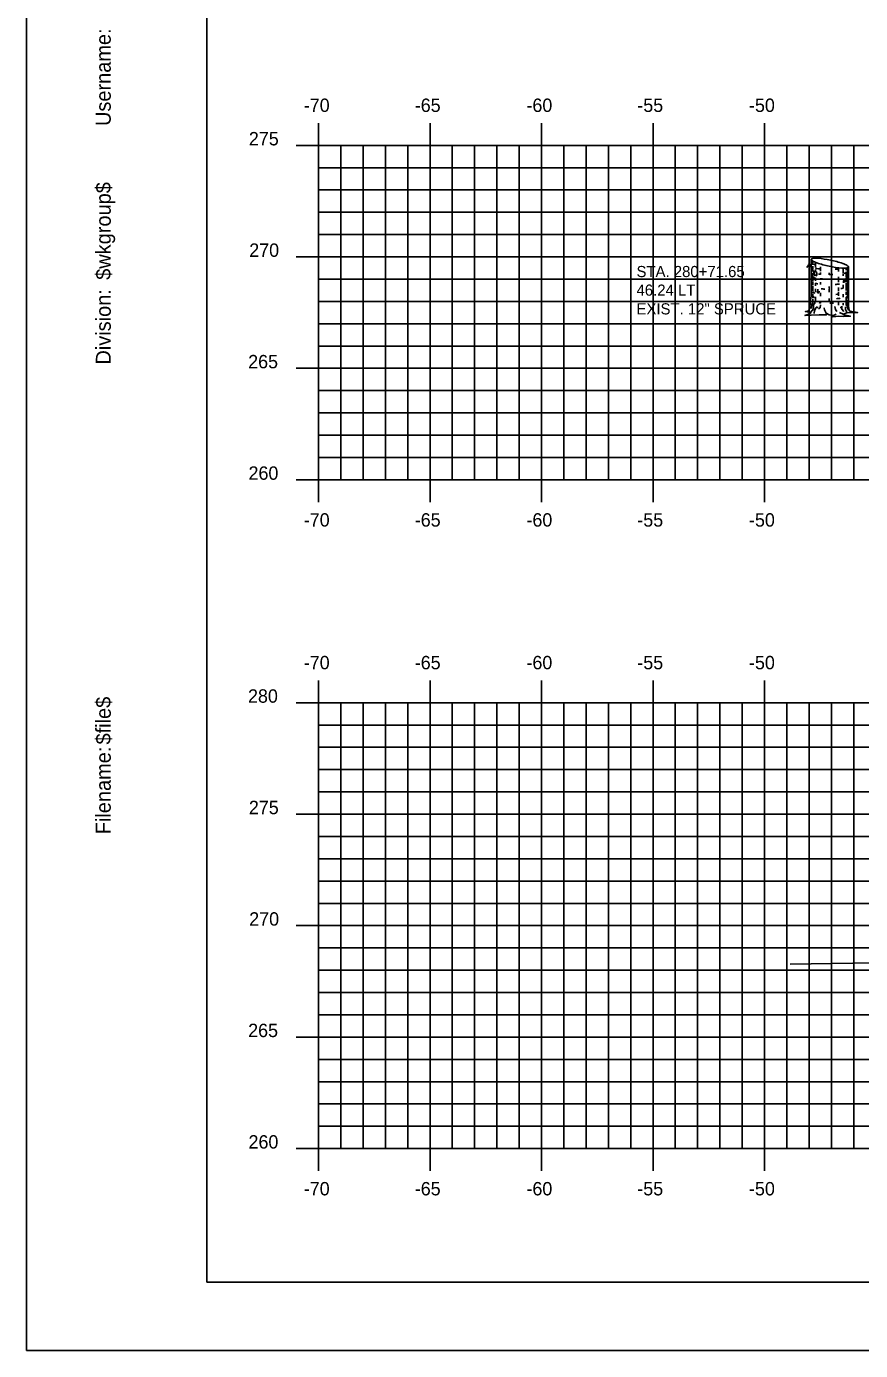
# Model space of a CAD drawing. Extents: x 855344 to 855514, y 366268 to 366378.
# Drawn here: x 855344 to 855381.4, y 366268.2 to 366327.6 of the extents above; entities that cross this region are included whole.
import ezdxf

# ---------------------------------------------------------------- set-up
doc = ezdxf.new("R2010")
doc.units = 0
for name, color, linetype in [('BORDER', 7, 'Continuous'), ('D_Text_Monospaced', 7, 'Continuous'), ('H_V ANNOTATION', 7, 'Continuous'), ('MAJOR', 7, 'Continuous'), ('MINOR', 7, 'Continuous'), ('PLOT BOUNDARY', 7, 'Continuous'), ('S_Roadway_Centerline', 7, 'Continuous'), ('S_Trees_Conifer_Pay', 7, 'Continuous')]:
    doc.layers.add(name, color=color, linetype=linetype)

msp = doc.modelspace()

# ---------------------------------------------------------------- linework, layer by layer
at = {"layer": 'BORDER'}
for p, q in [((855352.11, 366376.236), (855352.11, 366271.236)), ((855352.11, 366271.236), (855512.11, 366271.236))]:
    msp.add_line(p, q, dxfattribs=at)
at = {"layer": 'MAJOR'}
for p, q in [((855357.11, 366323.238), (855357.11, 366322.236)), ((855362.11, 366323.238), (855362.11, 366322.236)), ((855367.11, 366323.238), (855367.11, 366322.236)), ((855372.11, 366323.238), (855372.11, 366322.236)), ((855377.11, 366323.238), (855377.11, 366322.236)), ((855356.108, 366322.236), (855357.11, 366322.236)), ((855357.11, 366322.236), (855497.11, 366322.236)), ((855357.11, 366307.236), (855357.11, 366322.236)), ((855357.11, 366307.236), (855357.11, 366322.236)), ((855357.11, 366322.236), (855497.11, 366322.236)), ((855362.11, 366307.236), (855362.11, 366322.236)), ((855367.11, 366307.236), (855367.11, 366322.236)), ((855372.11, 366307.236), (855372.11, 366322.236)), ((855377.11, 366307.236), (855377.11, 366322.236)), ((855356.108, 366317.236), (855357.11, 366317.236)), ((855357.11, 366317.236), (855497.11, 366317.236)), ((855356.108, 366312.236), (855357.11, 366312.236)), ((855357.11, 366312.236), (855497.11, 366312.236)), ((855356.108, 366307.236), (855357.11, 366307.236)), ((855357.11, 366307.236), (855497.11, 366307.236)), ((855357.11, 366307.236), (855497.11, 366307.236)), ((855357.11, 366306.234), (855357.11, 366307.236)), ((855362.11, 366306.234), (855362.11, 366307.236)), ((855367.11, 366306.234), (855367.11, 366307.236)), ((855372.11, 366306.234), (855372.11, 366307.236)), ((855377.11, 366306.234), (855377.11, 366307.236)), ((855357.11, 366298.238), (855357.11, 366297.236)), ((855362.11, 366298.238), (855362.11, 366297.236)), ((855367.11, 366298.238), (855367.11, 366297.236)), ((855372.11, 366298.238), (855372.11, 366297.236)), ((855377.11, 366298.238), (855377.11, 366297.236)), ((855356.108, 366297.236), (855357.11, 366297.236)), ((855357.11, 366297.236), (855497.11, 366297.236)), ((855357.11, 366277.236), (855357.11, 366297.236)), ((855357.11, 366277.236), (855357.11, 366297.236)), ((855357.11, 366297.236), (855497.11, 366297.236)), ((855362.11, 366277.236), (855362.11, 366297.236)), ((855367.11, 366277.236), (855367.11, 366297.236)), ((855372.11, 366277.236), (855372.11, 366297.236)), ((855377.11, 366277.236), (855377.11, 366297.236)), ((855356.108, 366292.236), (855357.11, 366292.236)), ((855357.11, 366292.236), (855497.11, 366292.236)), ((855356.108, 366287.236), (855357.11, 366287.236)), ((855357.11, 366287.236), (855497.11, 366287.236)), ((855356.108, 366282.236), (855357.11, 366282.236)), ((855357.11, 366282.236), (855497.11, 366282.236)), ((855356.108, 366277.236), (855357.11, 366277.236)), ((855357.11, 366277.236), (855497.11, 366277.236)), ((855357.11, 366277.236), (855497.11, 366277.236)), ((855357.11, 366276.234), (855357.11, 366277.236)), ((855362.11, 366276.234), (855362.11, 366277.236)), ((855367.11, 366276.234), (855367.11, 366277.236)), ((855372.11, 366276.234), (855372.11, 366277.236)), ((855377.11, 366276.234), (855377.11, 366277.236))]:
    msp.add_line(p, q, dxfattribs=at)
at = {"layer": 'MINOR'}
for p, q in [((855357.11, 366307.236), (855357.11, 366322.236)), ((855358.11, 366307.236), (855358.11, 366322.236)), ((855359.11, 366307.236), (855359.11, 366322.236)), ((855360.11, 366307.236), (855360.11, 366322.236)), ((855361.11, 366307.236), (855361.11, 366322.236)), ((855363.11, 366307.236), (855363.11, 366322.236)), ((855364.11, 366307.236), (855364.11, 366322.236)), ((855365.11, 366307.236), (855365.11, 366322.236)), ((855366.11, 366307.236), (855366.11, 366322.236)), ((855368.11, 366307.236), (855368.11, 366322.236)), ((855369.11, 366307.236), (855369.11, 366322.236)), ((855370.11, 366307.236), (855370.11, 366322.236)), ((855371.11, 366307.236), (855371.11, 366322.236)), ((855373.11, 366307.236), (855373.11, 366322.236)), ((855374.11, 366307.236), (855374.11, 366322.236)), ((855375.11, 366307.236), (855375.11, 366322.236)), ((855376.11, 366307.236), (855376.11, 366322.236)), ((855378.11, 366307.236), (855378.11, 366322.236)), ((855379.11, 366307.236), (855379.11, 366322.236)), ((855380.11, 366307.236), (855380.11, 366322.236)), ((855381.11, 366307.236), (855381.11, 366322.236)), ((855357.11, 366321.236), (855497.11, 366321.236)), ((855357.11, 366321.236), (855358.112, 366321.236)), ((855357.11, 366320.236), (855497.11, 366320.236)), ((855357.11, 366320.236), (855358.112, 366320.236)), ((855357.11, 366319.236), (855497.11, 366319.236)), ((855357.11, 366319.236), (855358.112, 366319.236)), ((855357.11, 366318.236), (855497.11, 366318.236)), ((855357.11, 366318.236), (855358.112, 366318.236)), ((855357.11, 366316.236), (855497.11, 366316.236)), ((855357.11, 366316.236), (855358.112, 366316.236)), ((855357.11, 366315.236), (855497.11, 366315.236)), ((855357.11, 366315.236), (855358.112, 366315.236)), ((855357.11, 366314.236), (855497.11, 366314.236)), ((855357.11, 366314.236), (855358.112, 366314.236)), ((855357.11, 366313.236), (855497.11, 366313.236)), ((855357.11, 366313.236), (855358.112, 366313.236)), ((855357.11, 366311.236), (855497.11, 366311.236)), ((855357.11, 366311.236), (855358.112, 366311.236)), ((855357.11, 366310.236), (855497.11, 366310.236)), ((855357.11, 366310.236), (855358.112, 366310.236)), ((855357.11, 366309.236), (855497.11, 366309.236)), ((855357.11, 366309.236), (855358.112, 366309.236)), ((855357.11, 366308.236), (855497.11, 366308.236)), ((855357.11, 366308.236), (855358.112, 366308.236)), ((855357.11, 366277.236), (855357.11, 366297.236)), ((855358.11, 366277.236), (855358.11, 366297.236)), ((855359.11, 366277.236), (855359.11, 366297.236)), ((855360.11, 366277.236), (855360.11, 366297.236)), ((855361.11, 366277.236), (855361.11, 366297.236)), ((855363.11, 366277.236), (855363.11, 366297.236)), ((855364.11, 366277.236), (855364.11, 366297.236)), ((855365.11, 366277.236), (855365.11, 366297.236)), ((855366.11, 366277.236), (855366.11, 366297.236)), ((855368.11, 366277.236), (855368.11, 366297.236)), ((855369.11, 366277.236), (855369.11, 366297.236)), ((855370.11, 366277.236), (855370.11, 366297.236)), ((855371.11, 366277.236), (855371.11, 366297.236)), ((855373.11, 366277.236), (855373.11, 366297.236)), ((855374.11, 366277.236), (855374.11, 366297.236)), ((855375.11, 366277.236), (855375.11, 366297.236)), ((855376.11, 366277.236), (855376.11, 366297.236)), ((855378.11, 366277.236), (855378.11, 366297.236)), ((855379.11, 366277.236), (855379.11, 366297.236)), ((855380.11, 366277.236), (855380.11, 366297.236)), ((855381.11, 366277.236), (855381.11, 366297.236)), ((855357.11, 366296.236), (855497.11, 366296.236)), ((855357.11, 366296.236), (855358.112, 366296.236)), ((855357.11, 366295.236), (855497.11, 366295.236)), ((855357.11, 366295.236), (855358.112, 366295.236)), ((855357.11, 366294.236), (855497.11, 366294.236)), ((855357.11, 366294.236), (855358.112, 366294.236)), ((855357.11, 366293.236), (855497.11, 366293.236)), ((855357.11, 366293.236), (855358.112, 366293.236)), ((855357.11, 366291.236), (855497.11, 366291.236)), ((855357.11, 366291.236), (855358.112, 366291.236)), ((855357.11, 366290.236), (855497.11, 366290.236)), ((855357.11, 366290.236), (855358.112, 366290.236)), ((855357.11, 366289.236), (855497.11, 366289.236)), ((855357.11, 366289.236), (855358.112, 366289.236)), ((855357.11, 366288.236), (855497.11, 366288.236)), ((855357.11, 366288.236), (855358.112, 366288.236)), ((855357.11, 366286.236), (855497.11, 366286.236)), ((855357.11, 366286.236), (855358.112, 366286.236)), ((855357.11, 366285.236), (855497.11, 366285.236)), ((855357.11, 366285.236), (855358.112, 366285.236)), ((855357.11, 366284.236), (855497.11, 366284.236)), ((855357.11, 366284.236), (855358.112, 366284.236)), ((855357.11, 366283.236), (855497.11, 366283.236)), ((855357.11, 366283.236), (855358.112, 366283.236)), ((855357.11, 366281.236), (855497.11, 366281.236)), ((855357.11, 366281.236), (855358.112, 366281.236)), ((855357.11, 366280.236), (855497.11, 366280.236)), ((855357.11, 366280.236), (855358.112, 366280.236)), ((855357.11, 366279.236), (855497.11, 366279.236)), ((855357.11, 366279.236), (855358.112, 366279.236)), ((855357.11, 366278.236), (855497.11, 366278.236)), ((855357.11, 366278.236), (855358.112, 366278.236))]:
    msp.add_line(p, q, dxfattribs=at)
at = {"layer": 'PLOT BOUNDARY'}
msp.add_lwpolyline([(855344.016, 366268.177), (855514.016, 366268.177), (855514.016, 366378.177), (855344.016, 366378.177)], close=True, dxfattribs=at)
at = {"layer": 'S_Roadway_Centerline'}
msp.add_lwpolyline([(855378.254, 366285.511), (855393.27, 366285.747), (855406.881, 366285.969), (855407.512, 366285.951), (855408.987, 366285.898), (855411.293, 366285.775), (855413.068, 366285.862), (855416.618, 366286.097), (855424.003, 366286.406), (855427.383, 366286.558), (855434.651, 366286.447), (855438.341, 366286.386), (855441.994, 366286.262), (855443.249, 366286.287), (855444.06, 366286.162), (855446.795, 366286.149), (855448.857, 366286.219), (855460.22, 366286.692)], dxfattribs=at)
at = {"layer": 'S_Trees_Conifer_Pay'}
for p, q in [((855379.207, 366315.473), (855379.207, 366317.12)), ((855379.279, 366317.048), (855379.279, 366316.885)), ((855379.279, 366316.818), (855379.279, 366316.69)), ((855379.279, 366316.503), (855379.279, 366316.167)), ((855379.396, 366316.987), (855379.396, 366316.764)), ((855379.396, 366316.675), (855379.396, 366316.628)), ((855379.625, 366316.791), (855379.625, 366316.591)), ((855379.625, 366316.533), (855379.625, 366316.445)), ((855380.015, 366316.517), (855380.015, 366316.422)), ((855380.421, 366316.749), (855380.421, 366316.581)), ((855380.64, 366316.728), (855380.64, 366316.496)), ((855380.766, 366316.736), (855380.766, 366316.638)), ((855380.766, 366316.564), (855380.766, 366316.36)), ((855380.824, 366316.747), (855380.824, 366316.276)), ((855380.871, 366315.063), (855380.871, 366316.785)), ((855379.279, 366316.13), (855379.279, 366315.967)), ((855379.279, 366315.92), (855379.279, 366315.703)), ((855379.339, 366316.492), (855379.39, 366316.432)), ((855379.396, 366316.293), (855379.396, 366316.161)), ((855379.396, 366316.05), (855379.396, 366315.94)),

(ACTION ITEM): From the first line above to the line containing "doc.units = 0", repeat each line exactly. Pictures stay out.

(RESPONSE AREA):
# Model space of a CAD drawing. Extents: x 855344 to 855514, y 366268 to 366378.
# Drawn here: x 855344 to 855381.4, y 366268.2 to 366327.6 of the extents above; entities that cross this region are included whole.
import ezdxf

# ---------------------------------------------------------------- set-up
doc = ezdxf.new("R2010")
doc.units = 0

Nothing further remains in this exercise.